France / Monde

Quand l'Angleterre débattait du burkini d'une star athée de la télé

Temps de lecture : 2 min

«Sur une plage, les femmes ne peuvent pas gagner.»

Nigella Lawson à Cannes, en octobre 2012. VALERY HACHE / AFP
Nigella Lawson à Cannes, en octobre 2012. VALERY HACHE / AFP

«Même Nigella Lawson en a porté un!», lance, en un cri du cœur, une auditrice de la BBC. Un quoi? Un burkini, pardi. Car si nos voisins britanniques se montrent critiques sur le débat médiatique et politique sur le port du burkini sur les plages publiques françaises, initié par une série d'arrêtés sur le sujet de maires de communes balnéaires, ils ont eu aussi droit au leur il y a cinq ans. Et pas sûr qu'il ait forcément été de plus haut niveau.

En avril 2011, la presse people britannique publiait des photos de la présentatrice de télévision Nigella Lawson, 51 ans, arborant un burkini noir sur Bondi Beach, à Sydney, en Australie, par plus de 30 degrés. Personnalité sulfureuse (elle a notamment été impliquée dans une affaire de drogue en 2013), la fille de Nigel Lawson, l'ancien ministre des Finances de Margaret Thatcher, qui est surnommée outre-Manche la «Domestic Goddess» («la déesse du foyer», titre d'un de ses nombreux livres de cuisine), fait alors les gros titres de la presse. Et des grosses ventes pour Modestly Active, la marque de vêtements de bain islamiques qu'elle arbore ce jour-là, dont le patron explique que ses clientes non-musulmanes (comme Lawson, athée et fille de parents juifs non pratiquants) portent le burkini pour se protéger du soleil ou par désir d'être plus confortables.

Peu après, le Guardian faisait de Nigella Lawson, dont le porte-parole expliquait de son côté qu'elle portait cette tenue pour se protéger des coups de soleil, une quasi-icône de la subversion et de l'empowerment:

«Ce qui a moins été commenté a été l'extraordinaire timing de la balade balnéaire en burkini de Lawson, seulement une semaine après l'entrée en vigueur de l'interdiction du port de la burqa et du niqab en France. [...] Au cœur des deux histoires, on trouve une obsession pour le corps des femmes et comment ils devraient ou ne devraient pas être montrés. [...] Le présupposé est que Lawson a choisi son accoutrement, et que les femmes qui portent le niqab en France ne font pas un choix libre. Mais quelle confiance pouvons-nous accorder à ce présupposé?»

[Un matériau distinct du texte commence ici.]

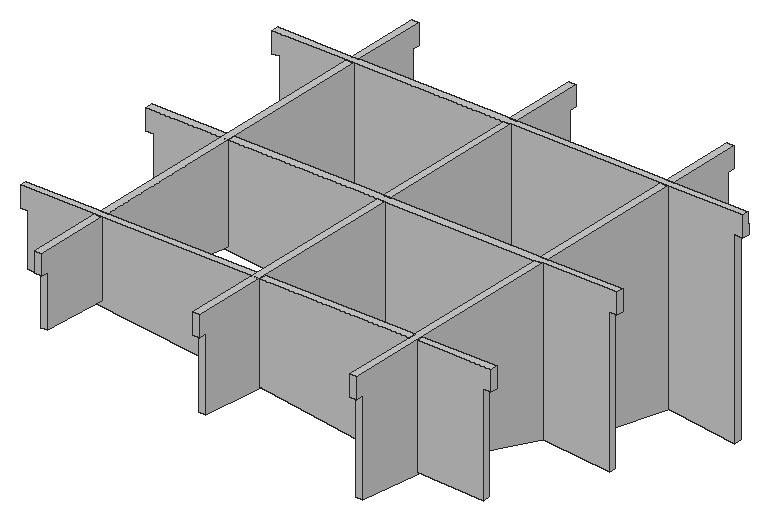
Revit family "Tartan Dune", category Generic Models, host Ceiling, Revit 2020
Family settings
  Host = Ceiling
  Can host rebar = No
  Round Connector Dimension = Use Diameter
  Part Type = Normal
  Always vertical = Yes
  Cut with Voids When Loaded = No
  Shared = No
  Room Calculation Point = No
Parameters (values of type "Light Gray")
  L = 23.750"
  Default Elevation = 0.000"
  Color = Light Gray
Types (10): name | Color
  Warm Gray | Warm Gray
  Light Gray | Light Gray
  Medium Gray | Medium Gray
  Dark Gray | Dark Gray
  Red | Red
  Blue | Blue
  Black | Black
  White | White
  Light Green | Light Green
  Dark Green | Dark Green
Reference planes (in)
  plane 1 "Center (Front/Back)": y = 0
  plane 2: z = 0
  plane 3 "Center (Left/Right)": x = 0
  plane 4 "Ceiling": z = 157.48031
  plane 5: y = 11.875
  plane 6: x = -11.875
  plane 7: x = 11.875
  plane 8: y = -11.875
  plane 9 "plane 1": y = -8.11467
  plane 10: y = -7.76033
  plane 11 "plane 2": y = -0.17717
  plane 12: y = 0.17717
  plane 13: y = 8.11467
  plane 14 "plane 3": y = 7.76033
  plane 15 "plane A": x = -8.11467
  plane 16: x = -7.76033
  plane 17 "plane B": x = -0.17717
  plane 18: x = 0.17717
  plane 19: x = 8.11467
  plane 20 "plane C": x = 7.76033
Forms (in)
  Extrusion 1, void
    sketch origin (0, 0, 157.48031) x (0, 1, 0) y (-1, 0, 0)
      loop
        line (11.875, 11.875) -> (-11.875, 11.875) -> (-11.875, -11.875) -> (11.875, -11.875) -> (11.875, 11.875)
    from 0 to 20
Dimensions and locks (in)
  equal spacing: host sketch curve, plane 3 "Center (Left/Right)", host sketch curve
  equal spacing: host sketch curve, plane 1 "Center (Front/Back)", host sketch curve
  host sketch curve to host sketch curve = 157.48031"  (x2)
  equal spacing: plane 8, plane 1 "Center (Front/Back)", plane 5
  "L": plane 8 to plane 5
  equal spacing: plane 6, plane 3 "Center (Left/Right)", plane 7
  "L": plane 6 to plane 7
  aligned and locked: Extrusion 1 sketch curve to plane 8
  aligned and locked: Extrusion 1 sketch curve to plane 7
  aligned and locked: Extrusion 1 sketch curve to plane 5
  aligned and locked: Extrusion 1 sketch curve to plane 6
  aligned and locked: nested 1 to plane 4 "Ceiling"
  aligned and locked: nested 3 to plane 4 "Ceiling"
  aligned and locked: nested 2 to plane 4 "Ceiling"
Nested families (in)
  nested 1: "Model 1" at (0, 7.76033, 157.48031) x (-1, 0, 0) z (0, 0, 1), type "Model 1"
  nested 2: "Model 2" at (0, -0.17717, 157.48031) x (-1, 0, 0) z (0, 0, 1), type "Model 2"
  nested 3: "Model 3" at (0, -8.11467, 157.48031) x (-1, 0, 0) z (0, 0, 1), type "Model 3"
  nested 4: "Model 1" at (7.76033, 0, 157.48031) x (0, -1, 0) z (0, 0, 1), type "Model 1"
  nested 5: "Model 2" at (-0.17717, 0, 157.48031) x (0, -1, 0) z (0, 0, 1), type "Model 2"
  nested 6: "Model 3" at (-8.11467, 0, 157.48031) x (0, -1, 0) z (0, 0, 1), type "Model 3"
Definition of nested family "Model 1"
  Parameters (values of type "Model 1")
    Default Elevation = 0.000"
    Color = none
  Reference planes (in)
    plane 1 "Center (Front/Back)": y = 0
    plane 2: z = 0
    plane 3 "Center (Left/Right)": x = 0
    plane 4: z = -1.027
    plane 5: z = -5.7104
    plane 6: z = -10.4469
    plane 7: x = -11.875
    plane 8: x = 11.875
    plane 9: x = 11.5
    plane 10: x = -11.5
    plane 11: x = -4
    plane 12: x = 4
    plane 13: y = -0.35433
  Forms (in)
    Extrusion 1, solid, material <- "Color"
      sketch origin (0, 0, 0) x (1, 0, 0) y (0, 0, 1)
        loop
          line (-11.875, 0) -> (-11.875, -1.027) -> (-11.5, -1.027) -> (-11.5, -10.4469)
          arc (-11.5, -10.4469) -> (-5.64753, -9.7602) -> (0.00006, -8.07863) r 34.1847
          arc (0.00006, -8.07863) -> (5.64759, -6.39708) -> (11.5, -5.7104) r 34.184
          line (11.5, -5.7104) -> (11.5, -1.027) -> (11.875, -1.027) -> (11.875, 0) -> (-11.875, 0)
      from 0 to 0.35433
  Dimensions and locks (in)
    plane 2 to plane 4 = 1.027"
    plane 4 to plane 5 = 4.6834"
    plane 4 to plane 6 = 9.4199"
    aligned and locked: level to plane 2
Definition of nested family "Model 2"
  Parameters (values of type "Model 2")
    Default Elevation = 0.000"
    Color = none
  Reference planes (in)
    plane 1 "Center (Front/Back)": y = 0
    plane 2: z = 0
    plane 3 "Center (Left/Right)": x = 0
    plane 4: z = -1.027
    plane 5: z = -4.6767
    plane 6: z = -8.2574
    plane 7: x = -11.875
    plane 8: x = 11.875
    plane 9: x = 11.5
    plane 10: x = -11.5
    plane 11: x = -4
    plane 12: x = 4
    plane 13: y = -0.35433
  Forms (in)
    Extrusion 1, solid, material <- "Color"
      sketch origin (0, 0, 0) x (1, 0, 0) y (0, 0, 1)
        loop
          line (-11.875, 0) -> (-11.875, -1.027) -> (-11.5, -1.027) -> (-11.5, -8.2574)
          arc (-11.5, -8.2574) -> (-5.68909, -7.7535) -> (0, -6.46705) r 42.957
          arc (0, -6.46705) -> (5.69079, -5.19156) -> (11.5, -4.6767) r 44.1831
          line (11.5, -4.6767) -> (11.5, -1.027) -> (11.875, -1.027) -> (11.875, 0) -> (-11.875, 0)
      from 0 to 0.35433
  Dimensions and locks (in)
    plane 2 to plane 4 = 1.027"
    plane 4 to plane 5 = 3.6497"
    plane 4 to plane 6 = 7.2304"
    aligned and locked: level to plane 2
Definition of nested family "Model 3"
  Parameters (values of type "Model 3")
    Default Elevation = 0.000"
    Color = none
  Reference planes (in)
    plane 1 "Center (Front/Back)": y = 0
    plane 2: z = 0
    plane 3 "Center (Left/Right)": x = 0
    plane 4: z = -1.027
    plane 5: z = -3.6431
    plane 6: z = -6.0679
    plane 7: x = -11.875
    plane 8: x = 11.875
    plane 9: x = 11.5
    plane 10: x = -11.5
    plane 11: x = -4
    plane 12: x = 4
    plane 13: y = -0.35433
  Forms (in)
    Extrusion 1, solid, material <- "Color"
      sketch origin (0, 0, 0) x (1, 0, 0) y (0, 0, 1)
        loop
          line (-11.875, 0) -> (-11.875, -1.027) -> (-11.5, -1.027) -> (-11.5, -6.0679)
          arc (-11.5, -6.0679) -> (-5.72206, -5.72673) -> (0, -4.8555) r 62.8533
          arc (0, -4.8555) -> (5.72206, -3.98427) -> (11.5, -3.6431) r 62.8533
          line (11.5, -3.6431) -> (11.5, -1.027) -> (11.875, -1.027) -> (11.875, 0) -> (-11.875, 0)
      from 0 to 0.35433
  Dimensions and locks (in)
    plane 2 to plane 4 = 1.027"
    plane 4 to plane 5 = 2.6161"
    plane 4 to plane 6 = 5.0409"
    aligned and locked: level to plane 2

Le Huffington Post fait d'ailleurs aujourd'hui une lecture assez proche de l'affaire:

«Il serait intéressant de voir si Nigella Lawson recevrait un avertissement et une amende si elle portait un burkini à Cannes comme elle l'a fait en Australie en 2011. Cela est peu probable car quand Nigella Lawson –une Occidentale blanche et privilégiée– choisit de porter le burkini, cela est vu comme son choix, comme une affirmation de son pouvoir.»

Rachel Johnson, la sœur du maire de Londres de l'époque Boris Johnson, voyait elle dans l'épisode «un message positif pour nous tous». En fait d'enpowerment, l'affaire avait pourtant aussi révélé la force des présupposés sexistes ou patriarcaux, puisque la presse tabloïd avait par la suite affirmé que Nigella Lawson s'était habillée ainsi pour plaire à son époux de l'époque, le marchand d'art Charles Saatchi, supposé aimer «ses femmes [sic] blanches comme de la porcelaine». Elle même avait affirmé qu'elle pouvait «voir la ressemblance avec un hippopotame» et un débat sur ses formes avait occupé des pages et des pages des journaux. La preuve, estimait à l'époque le Telegraph, que «sur une plage, les femmes ne peuvent pas gagner».